┌─ Supplied data

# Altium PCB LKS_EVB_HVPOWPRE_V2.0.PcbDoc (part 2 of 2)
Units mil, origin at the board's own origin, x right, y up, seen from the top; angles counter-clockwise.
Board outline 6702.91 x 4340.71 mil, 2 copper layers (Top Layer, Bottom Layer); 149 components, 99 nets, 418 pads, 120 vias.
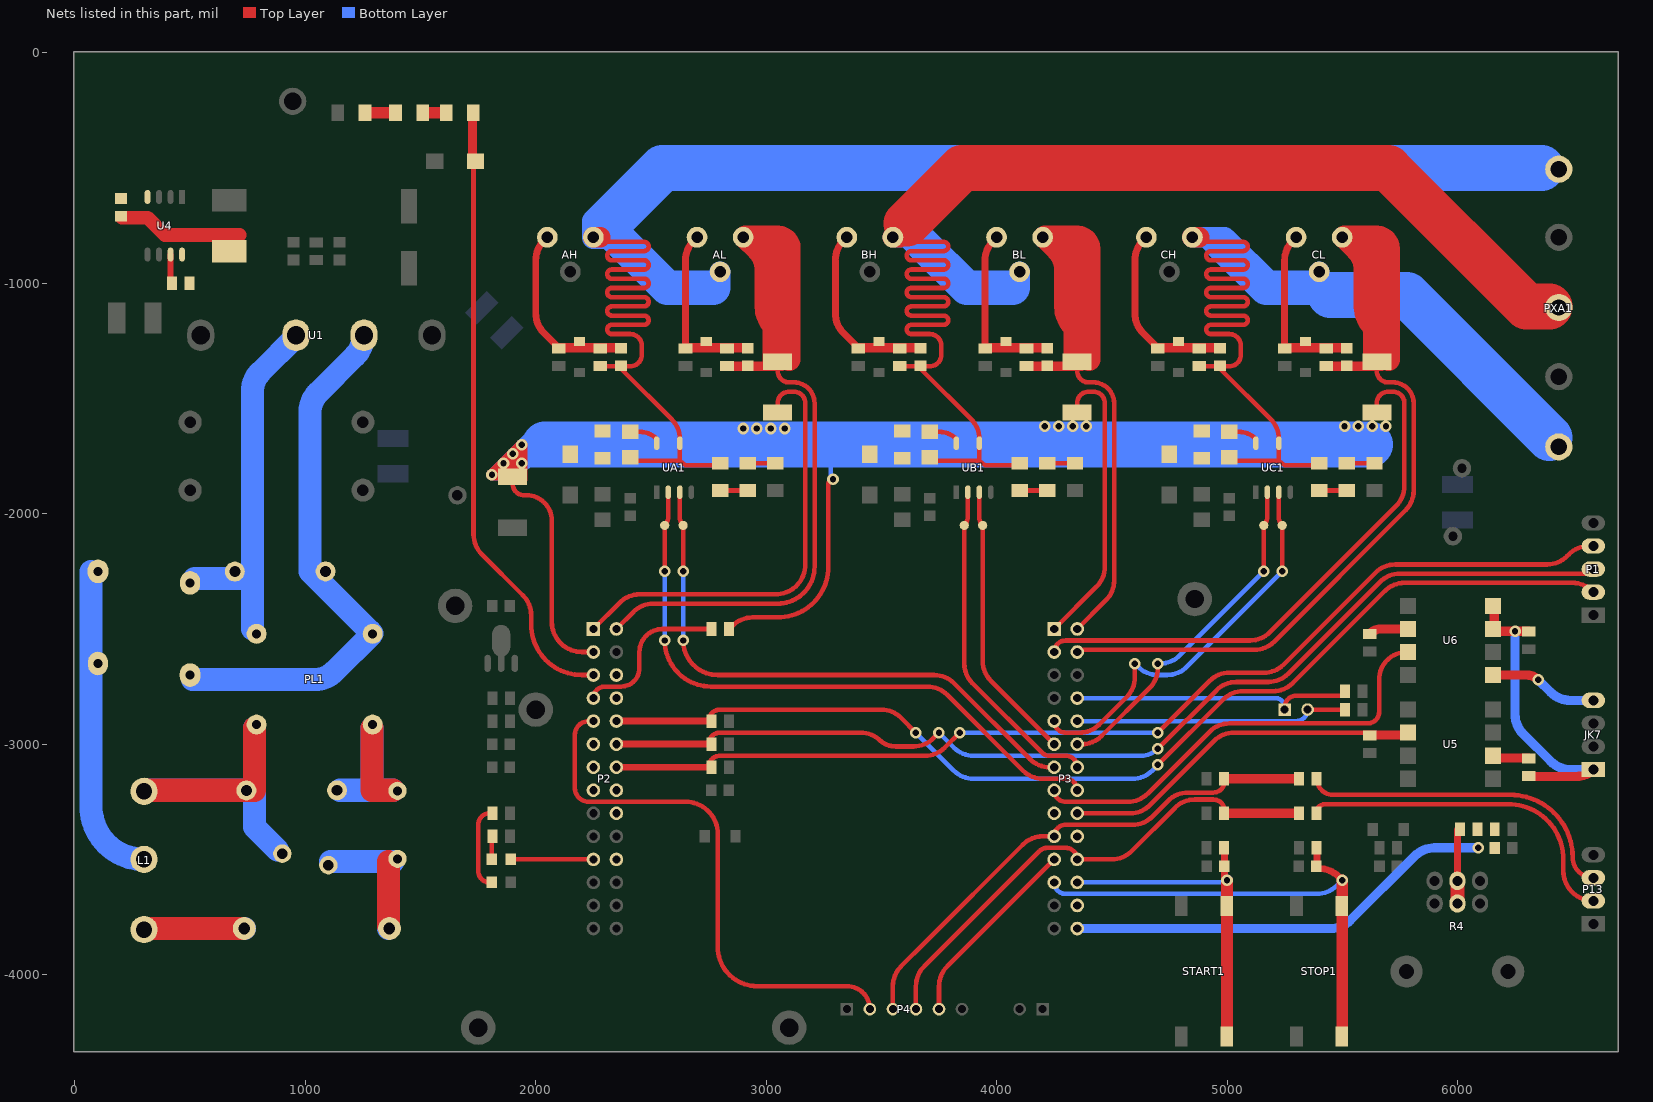
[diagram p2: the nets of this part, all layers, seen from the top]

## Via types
v1: diameter 50, hole 28, Top Layer to Bottom Layer, 120 vias

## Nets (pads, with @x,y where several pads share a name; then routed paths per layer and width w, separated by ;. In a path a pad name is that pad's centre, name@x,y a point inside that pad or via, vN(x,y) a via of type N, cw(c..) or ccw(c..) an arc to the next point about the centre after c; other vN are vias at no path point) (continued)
HA: P1.4 P2.21 R53.1 | length 4604.3
  Top Layer w20: R53.1@2750,-3100 cw(c2800,-3100) 2760,-3070 cw(c2800,-3100) 2770,-3060 cw(c2800,-3100) 2800,-3050 3690,-3050 ccw(c3690,-2929.29) 3775.36,-3014.64 v1(3840,-2950) ; v1(4700,-2950) 4924.64,-2725.36 cw(c5010,-2810.71) 5010,-2690 5160,-2690 ccw(c5160,-2569.29) 5245.36,-2654.64 5644.64,-2255.36 cw(c5730,-2340.71) 5730,-2220 6390,-2220 ccw(c6390,-2099.29) 6475.36,-2184.64 6484.64,-2175.36 cw(c6570,-2260.71) 6570,-2140 P1.4@6590,-2140
  Top Layer w30: P2.21@2350,-3100 R53.1@2750,-3100
  Bottom Layer w20: v1@3850,-2950 v1(4700,-2950)
HALL_A: P2.6
HALL_B: P2.7
HALL_C: P2.8
HB: P1.3 P2.20 R52.1 | length 4654.5
  Top Layer w20: R52.1@2750,-3000 cw(c2800,-3000) 2760,-2970 cw(c2800,-3000) 2770,-2960 cw(c2800,-3000) 2800,-2950 3410,-2950 cw(c3410,-3070.71) 3495.36,-2985.36 ; 3490,-2980 ccw(c3562.43,-2907.57) 3562.43,-3010 3640,-3010 ccw(c3640,-2889.29) 3725.36,-2974.64 v1(3750,-2950) ; v1(4700,-3020) 4954.64,-2765.36 cw(c5040,-2850.71) 5040,-2730 5180,-2730 ccw(c5180,-2609.29) 5265.36,-2694.64 5664.64,-2295.36 cw(c5750,-2380.71) 5750,-2260 P1.3@6590,-2260
  Top Layer w30: P2.20@2350,-3000 R52.1@2750,-3000
  Bottom Layer w20: v1(3750,-2950) 3814.64,-3014.64 ccw(c3900,-2929.29) 3900,-3050 4627.57,-3050 ccw(c4627.57,-2947.57) v1(4700,-3020)
HC: P1.2 P2.19 R51.1 | length 4718.5
  Top Layer w20: R51.1@2750,-2900 cw(c2800,-2900) 2760,-2870 cw(c2800,-2900) 2770,-2860 cw(c2800,-2900) 2800,-2850 3500,-2850 cw(c3500,-2970.71) 3585.36,-2885.36 v1(3650,-2950) ; v1(4700,-3090) 4984.64,-2805.36 cw(c5070,-2890.71) 5070,-2770 5200,-2770 ccw(c5200,-2649.29) 5285.36,-2734.64 5684.64,-2335.36 cw(c5770,-2420.71) 5770,-2300 6500,-2300 cw(c6500,-2420.71) P1.2@6585.36,-2335.36
  Top Layer w30: P2.19@2350,-2900 R51.1@2750,-2900
  Bottom Layer w20: v1(3650,-2950) 3814.64,-3114.64 ccw(c3900,-3029.29) 3900,-3150 4590,-3150 ccw(c4590,-3029.29) 4675.36,-3114.64 v1(4700,-3090)
HGND: JK7.4 U6.5 | length 467.4
  Top Layer w40: U6.5@6160,-2700 6301.72,-2700 cw(c6301.72,-2768.28) v1(6350,-2720)
  Bottom Layer w40: v1(6350,-2720) 6404.64,-2774.64 ccw(c6490,-2689.29) 6490,-2810 JK7.4@6590,-2810
IIC_CLK: P3.19 P6.2 R5.1 | length 1188.9
  Top Layer w20: P6.2@5350,-2850 R5.1@5510,-2850
  Bottom Layer w20: P3.19@4350,-2900 5300,-2900 ; 5300.25,-2899.75 cw(c5300,-2899.75) 5300,-2900 ; P6.2@5350,-2850 cw(c5300,-2850) 5300,-2900
IIC_DA: P3.18 P6.1 R6.1 | length 1236.4
  Top Layer w20: P6.1@5250,-2850 5250,-2840 cw(c5300,-2840) 5300,-2790 R6.1@5515,-2790
  Bottom Layer w20: P3.18@4350,-2800 5210,-2800 cw(c5210,-2840) 5250,-2840 P6.1@5250,-2850
L: F1.1 L1.3 | length 855
  Top Layer w100: L1.3@310,-3800 F1.1@730,-3800
  Bottom Layer w100: L1.3@300,-3800 F1.1@735,-3800
N: CX1.1 L1.1 PL1.1 RV1.1 | length 1761.4
  Top Layer w100: L1.1@300,-3200 780,-3200 PL1.1@780,-2930
  Bottom Layer w100: L1.1@300,-3200 CX1.1@740,-3200 ; PL1.1@780,-2930 780,-3360 RV1.1@880,-3460
NetCX4_1: CX4.1 U4.4
NetD4_K: D4.K R3P.1
NetD11_K: D11.K R1P.1
NetD21_K: D21.K R2P.1
NetDA2_1: AL.1 C11.1 DA2.1 K-A1.1 R31.1 | length 755.5
  Top Layer w30: K-A1.1@2650,-1280 2650,-900 cw(c2770.71,-900) 2685.36,-814.64 AL.1@2700,-800
  Top Layer w40: K-A1.1@2650,-1280 C11.1@2910,-1280
NetDA5_1: C24.1 CH.1 DA5.1 K+C1.2 R50.2 | length 801.7
  Top Layer w30: CH.1@4650,-800 4635.36,-814.64 ccw(c4720.71,-900) 4600,-900 4600,-1130 ccw(c4720.71,-1130) 4635.36,-1215.36 K+C1.2@4700,-1280
  Top Layer w40: K+C1.2@4700,-1280 C24.1@4970,-1280
NetDA6_1: C34.1 CL.1 DA6.1 K_C1.1 R63.1 | length 755.5
  Top Layer w30: K_C1.1@5250,-1280 5250,-900 cw(c5370.71,-900) 5285.36,-814.64 CL.1@5300,-800
  Top Layer w40: K_C1.1@5250,-1280 C34.1@5510,-1280
NetF1_2: F1.2 R26.2 RV1.2 | length 840
  Top Layer w100: F1.2@1360,-3790 1360,-3510
  Bottom Layer w100: RV1.2@1110,-3510 R26.2@1380,-3510 ; F1.2@1360,-3800 1360,-3510
NetK+A1_2: AH.1 C7.1 DA1.1 K+A1.2 R21.2 | length 801.7
  Top Layer w30: AH.1@2050,-800 2035.36,-814.64 ccw(c2120.71,-900) 2000,-900 2000,-1130 ccw(c2120.71,-1130) 2035.36,-1215.36 K+A1.2@2100,-1280
  Top Layer w40: K+A1.2@2100,-1280 C7.1@2370,-1280
NetK+B1_2: BH.1 C16.1 DA3.1 K+B1.2 R39.2 | length 801.7
  Top Layer w30: BH.1@3350,-800 3335.36,-814.64 ccw(c3420.71,-900) 3300,-900 3300,-1130 ccw(c3420.71,-1130) 3335.36,-1215.36 K+B1.2@3400,-1280
  Top Layer w40: K+B1.2@3400,-1280 C16.1@3670,-1280
NetK_B1_1: BL.1 C20.1 DA4.1 K_B1.1 R45.1 | length 755.5
  Top Layer w30: K_B1.1@3950,-1280 3950,-900 cw(c4070.71,-900) 3985.36,-814.64 BL.1@4000,-800
  Top Layer w40: K_B1.1@3950,-1280 C20.1@4210,-1280
NetLED3_1: LED3.1 R0.1 | length 99
  Top Layer w20: LED3.1@1809,-3500 R0.1@1809,-3401
NetLED_POWER_1: LED_POWER.1 R65.2 | length 376.1
  Top Layer w20: LED_POWER.1@1809,-3600 1800,-3600 cw(c1800,-3550) 1750,-3550 1750,-3350 cw(c1800,-3350) 1800,-3300 R65.2@1810,-3300
NetPL1_2: CX6.1 CY1.2 PL1.2 U1.1 | length 1583.5
  Bottom Layer w100: CY1.2@520,-2280 760,-2280 ; PL1.2@770,-2500 770,-1470 cw(c890.71,-1470) 805.36,-1384.64 U1.1@960,-1230
NetPL1_3: CX6.2 CY2.1 PL1.3 U1.3 | length 2340.2
  Bottom Layer w100: CY2.1@510,-2720 1040,-2720 ccw(c1040,-2599.29) 1125.36,-2684.64 PL1.3@1290,-2520 ; U1.3@1250,-1220 1250,-1230 cw(c1129.29,-1230) 1214.64,-1315.36 1055.36,-1474.64 ccw(c1140.71,-1560) 1020,-1560 1020,-2250 PL1.3@1280,-2510
NetR1_2: R1.2 R23.1 | length 120
  Top Layer w20: R23.1@2800,-1899.06 R1.2@2920,-1899.06
NetR1P_2: CAH1.1 R1P.2 UA1.8 | length 141.8
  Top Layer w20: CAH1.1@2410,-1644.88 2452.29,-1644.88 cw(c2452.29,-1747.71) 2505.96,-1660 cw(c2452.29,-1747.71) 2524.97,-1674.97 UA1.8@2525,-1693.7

└─

__Required action__: Verbatim transcription needed, from the opening line of the entries above through the line containing "Top Layer w30: P2.20@2350,-3000"; pictures do not belong in it.

__Exercise response__:
# Altium PCB LKS_EVB_HVPOWPRE_V2.0.PcbDoc (part 2 of 2)
Units mil, origin at the board's own origin, x right, y up, seen from the top; angles counter-clockwise.
Board outline 6702.91 x 4340.71 mil, 2 copper layers (Top Layer, Bottom Layer); 149 components, 99 nets, 418 pads, 120 vias.
[diagram p2: the nets of this part, all layers, seen from the top]

## Via types
v1: diameter 50, hole 28, Top Layer to Bottom Layer, 120 vias

## Nets (pads, with @x,y where several pads share a name; then routed paths per layer and width w, separated by ;. In a path a pad name is that pad's centre, name@x,y a point inside that pad or via, vN(x,y) a via of type N, cw(c..) or ccw(c..) an arc to the next point about the centre after c; other vN are vias at no path point) (continued)
HA: P1.4 P2.21 R53.1 | length 4604.3
  Top Layer w20: R53.1@2750,-3100 cw(c2800,-3100) 2760,-3070 cw(c2800,-3100) 2770,-3060 cw(c2800,-3100) 2800,-3050 3690,-3050 ccw(c3690,-2929.29) 3775.36,-3014.64 v1(3840,-2950) ; v1(4700,-2950) 4924.64,-2725.36 cw(c5010,-2810.71) 5010,-2690 5160,-2690 ccw(c5160,-2569.29) 5245.36,-2654.64 5644.64,-2255.36 cw(c5730,-2340.71) 5730,-2220 6390,-2220 ccw(c6390,-2099.29) 6475.36,-2184.64 6484.64,-2175.36 cw(c6570,-2260.71) 6570,-2140 P1.4@6590,-2140
  Top Layer w30: P2.21@2350,-3100 R53.1@2750,-3100
  Bottom Layer w20: v1@3850,-2950 v1(4700,-2950)
HALL_A: P2.6
HALL_B: P2.7
HALL_C: P2.8
HB: P1.3 P2.20 R52.1 | length 4654.5
  Top Layer w20: R52.1@2750,-3000 cw(c2800,-3000) 2760,-2970 cw(c2800,-3000) 2770,-2960 cw(c2800,-3000) 2800,-2950 3410,-2950 cw(c3410,-3070.71) 3495.36,-2985.36 ; 3490,-2980 ccw(c3562.43,-2907.57) 3562.43,-3010 3640,-3010 ccw(c3640,-2889.29) 3725.36,-2974.64 v1(3750,-2950) ; v1(4700,-3020) 4954.64,-2765.36 cw(c5040,-2850.71) 5040,-2730 5180,-2730 ccw(c5180,-2609.29) 5265.36,-2694.64 5664.64,-2295.36 cw(c5750,-2380.71) 5750,-2260 P1.3@6590,-2260
  Top Layer w30: P2.20@2350,-3000 R52.1@2750,-3000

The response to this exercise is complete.